Atatürk ve arkadaşları, Konitre ve Havran’da asilere karşı gönderilen birliğe katıldı. Askeri operasyon sırasında bazı askerler halka baskı yaparak yağmaladı. Atatürk ve arkadaşı Moffet Bey’den (Özdaş) toplanan ganimetten pay almaları istendi. “Bay Moffitt, kendisine vermek istediği pay için Atatürk’e danıştı. Atatürk’ün tereddüt ettiğini görünce Moffitt ona sormuş Bey Moffitt!
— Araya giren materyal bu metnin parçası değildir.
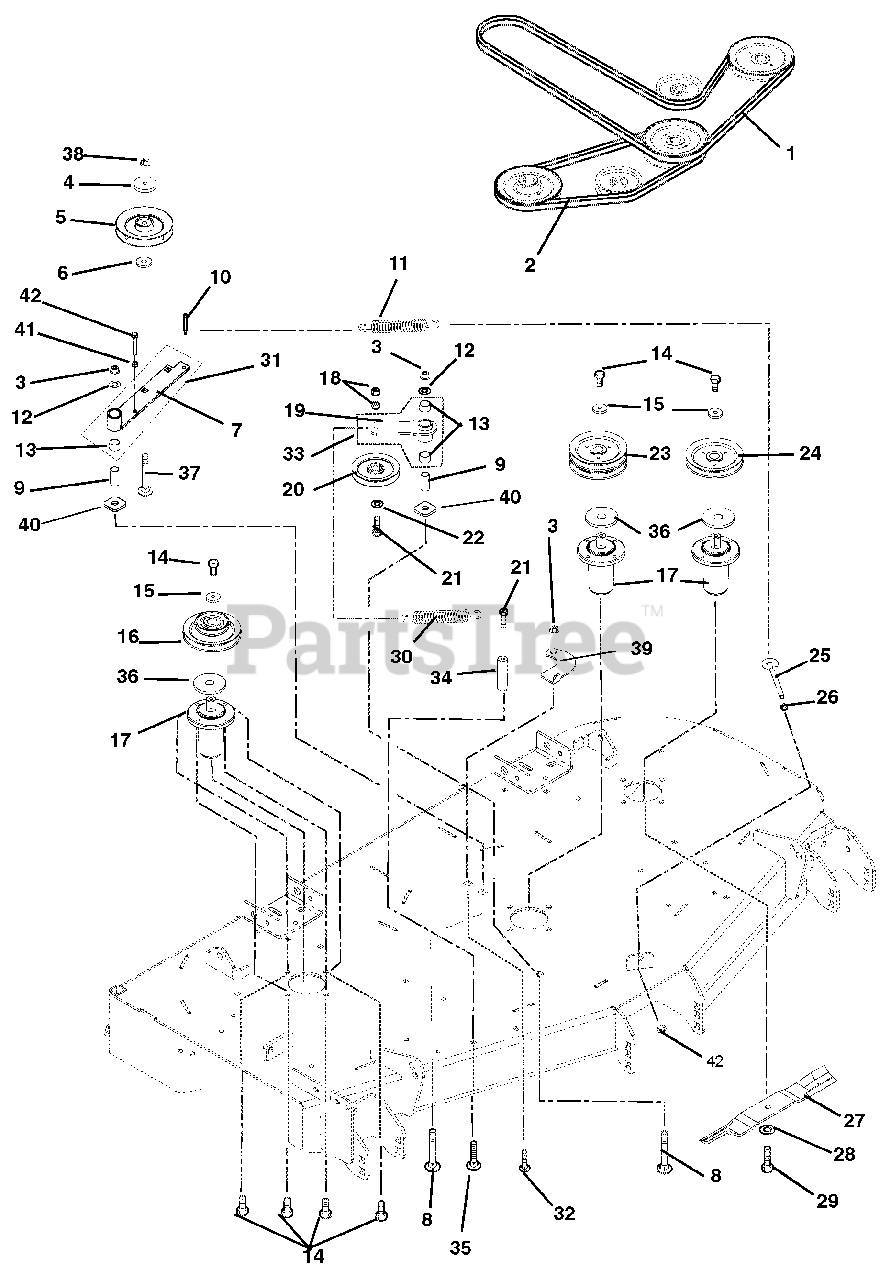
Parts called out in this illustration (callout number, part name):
1	Belt, BB-Wrapped Clutching Hex
2	V-Belt, 63" Long Cog B-Section
3	Nut, .50-13 Nyloc Flange
4	Cap, Idler Bearing Sealing
5	Sheave .50" ID x 6.00" OD V-Idler
6	Bushing, Spacer .502 x .997 x 0.50
7	Arm, Idler
8	Bolt, Round Head Square Neck .50-13 x 3.50 Grade 5
9	Bushing, Spacer .502 x .997 x 2.03
10	Bolt, Shoulder .38-16 x .30 Hex
11	Spring, Extension
12	Washer, Flat Steel .563 x 1.38 x .109
13	Bushing, 1.00 x 1.125 x 1.936
14	Bolt, Hex .38-16 x 1.00 (Torque = 380-480 lbf-in (42.93-54.23 N•m))
15	Washer, Flat Steel .406 x 1.50 x .245
16	Pulley, Double- 1" ID x 6.75" & 4.25" OD
17	Assembly, Spindle - Long G3500
18	Nut, Locking-Center .38-16
19	Weldment, Idler Arm
20	Sheave, .38" ID x 5.00"OD V-Idler
21	Bolt, Hex .38-16 x 2.25
22	Washer, Flat Steel .406 x .812 x .065
23	Pulley, Double-1" ID x 6.75" OD
24	Pulley, V 1" ID x 6.75" OD
25	Bolt, .38-16 x 4.50 .62 Diameter Eye
26	Nut, Hex, Jam .375-16
27	Blade, Mower (20.50")
28	Washer, Bellville .63 x 1.625 x .14
29	Bolt, Hex .62-18 x 1.75 Grade 8 (Torque = 115-160 lbf-in (12.99-18.08 N•m))
30	Spring, Extension
31	Assembly, PTO Idler Pivot Arm (Includes item # 7 and item # 13)
32	Bolt, Round Head Square Neck .50-13 x 1.5, Full Thread, Grade 5
33	Assembly, Idler Pivot Arm (Includes item # 13 and item # 19)
34	Nut, Coupling .375-16 x 1.75
35	Bolt, Round Head Square Neck .38-16 x 1.00
36	Retainer, Grease
37	Bolt, Round Head Square Neck .50-13 x 3.00 Grade 5
38	Nut, Locking Center .50-13
39	Stop, PM320 PTO Idler Arm
40	Washer, Flat Steel .640 x 1.75 x .250
41	Nut, Hex .38-16
42	Bolt, Hex .38-16 x 2.75
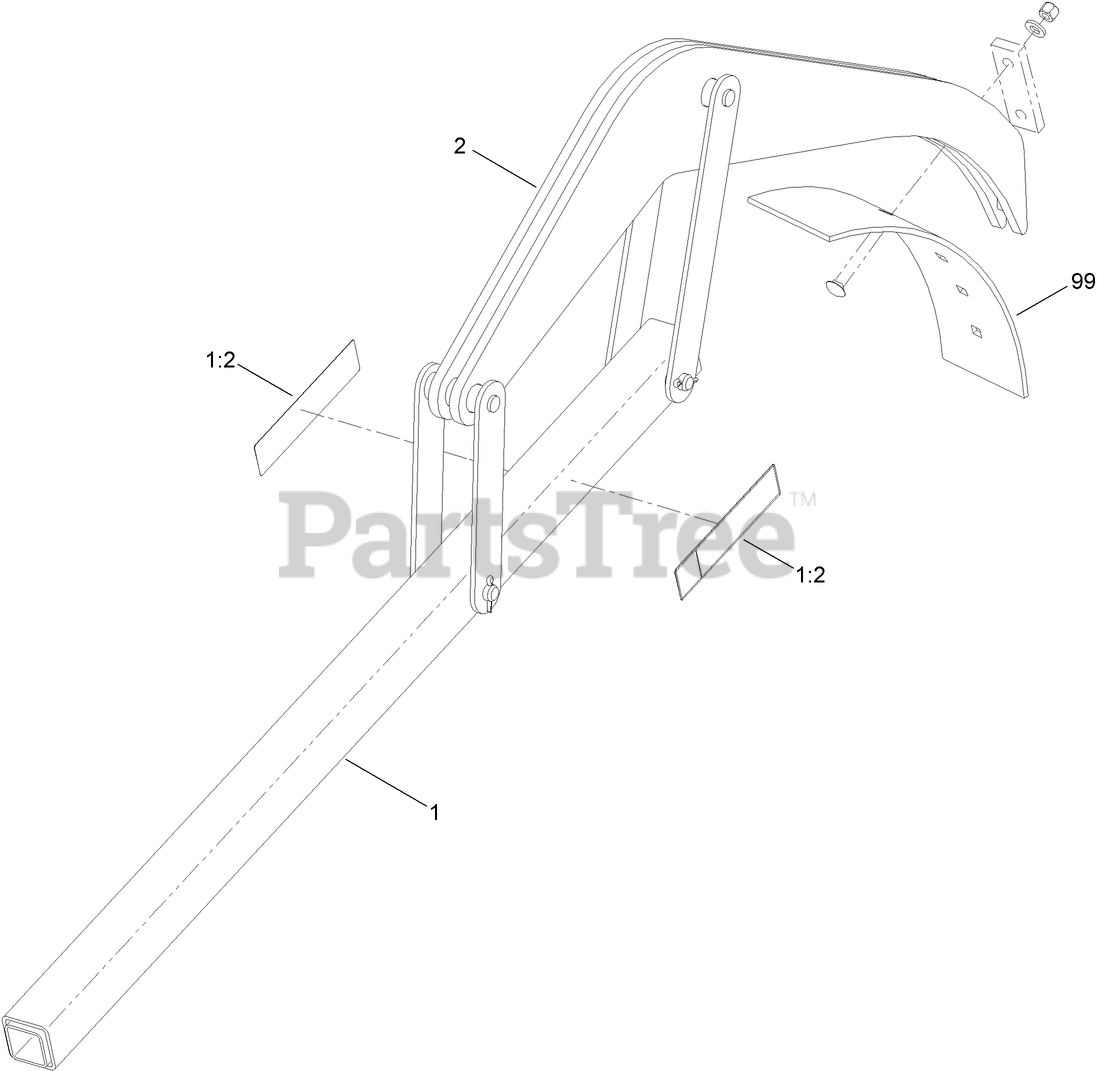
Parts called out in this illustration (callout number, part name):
1	CRUMBER TUBE ASM
1:2	DECAL-DANGER, ENTANGLEMENT
2	I / BASIC CRUMBER ASM
99	BLADE-MANUAL CRUMBER, 6 INCH CUT
99	BLADE-MANUAL CRUMBER, 8 INCH CUT
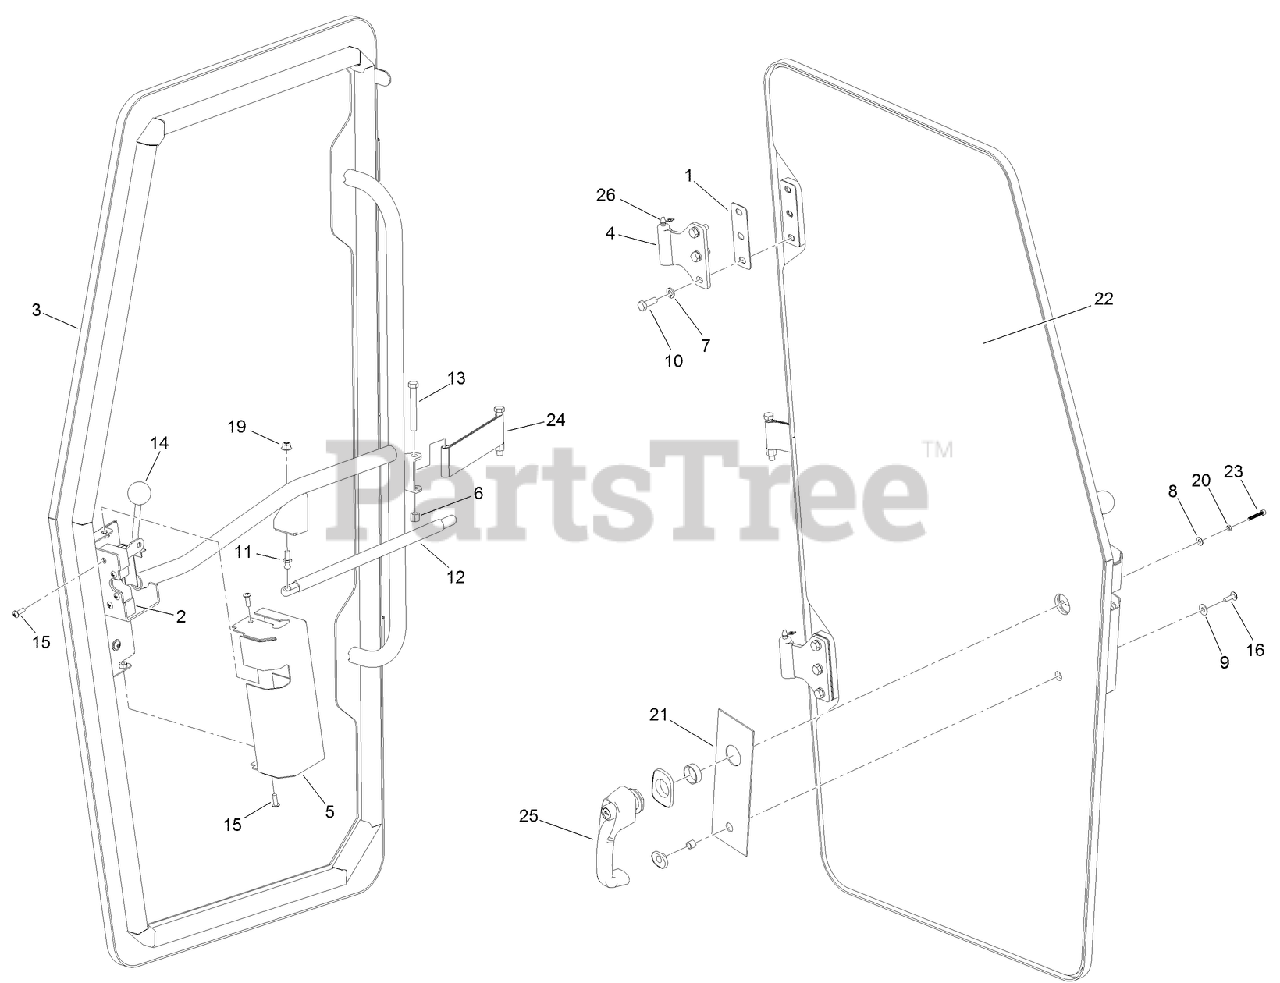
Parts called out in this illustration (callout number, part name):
1	SHIM-HINGE, DOOR
3	DOOR-RH
4	HINGE-DOOR, RH
5	COVER-LATCH RH
7	WASHER-LOCK
8	WASHER-FLAT
9	WASHER-FLAT
10	BOLT-HHCS
11	STUD-BALL, GAS SPRING
12	SPRING-GAS
13	BOLT-HHCS
19	NUT-HEX
20	NUT-M5
21	GASKET-HANDLE, DOOR
22	GLASS-DOOR, RH
23	BOLT-SHCS
24	STRAP-HOLDER, DOOR
25	HANDLE-EXTERIOR
26	CAP-GREASE, ZERK

Bugünün mü, yarının mı adamı olmak istiyorsun?”

Moffett Pie: “Tabii ki yarının adamı olmak istiyorum”
Atatürk: O zaman bu parayı benim gibi kabul etmeyeceksin.

Mustafa Kemal bu sözlerle düşüncelerini dile getiriyordu. O, etrafındakiler gibi yaşlı bir adam değil, geleceğin bir adamıydı. Atatürk, bu tür davranışlar karşısında ahlaksız olmaktan çok gerçekçi davranmıştır.

Şam, bu “yarının adamı” üzerinde derin bir etki bıraktı. Mustafa Kemal hayatında ilk kez Orta Çağ’ın karanlığında yaşayan bir şehir gördü. Şimdiye kadar tanıdığı Selanik, İstanbul ve Beyrut, muasır medeniyetin pek çok imkânı ve kültürel faaliyetleri ile kozmopolit yerler ve canlı şehirlerdi. Atatürk bu yerleri tanıdığında Doğu ile Batı’yı karşılaştırırdı. Milletinin gerçek düşmanlarının sadece yabancılar olmadığını anladı. Gerçek düşmanın aralarında olduğunu düşündü. Onları diğer milletlerin izlediği medeniyet yolundan uzaklaştıran, gelişmeleri engelleyen, baskı altında tutan muhafazakârlıktı. Atatürk’e göre Osmanlı Devleti, azınlıkların ülkenin bütün nimetlerinden yararlanırken, Türklerin acı çektiği bir yerdi.

Ekim 1905’te Atatürk d. Mustafa (Kantkin) Moffet (Özdaş) ve diğer bazı arkadaşları Şam’da Hürriyet Cemiti’nde Vatan Cemiyeti’ni kurdular ve önemi, Kıta Servisindeki subaylar arasında yaratılan çeşitli devrimci örgütlenmelere öncülük etmesidir. Şam, Osmanlı Devleti sınırları içinde genel akışın dışında kalan bir yerdi. Buradaki faaliyetleri desteklemek mümkün olmadı.

Mustafa Kemal, arkadaşlarıyla birlikte kurdukları derneği Beyrut, Yafa ve Kudüs’te genişletti. Daha sonra gizlice Selanik’e giderek Cemiyet’in bir şubesini açtı ve Yafa’ya döndü. Bir süre Şam’da kalarak kıta eğitimini tamamladı.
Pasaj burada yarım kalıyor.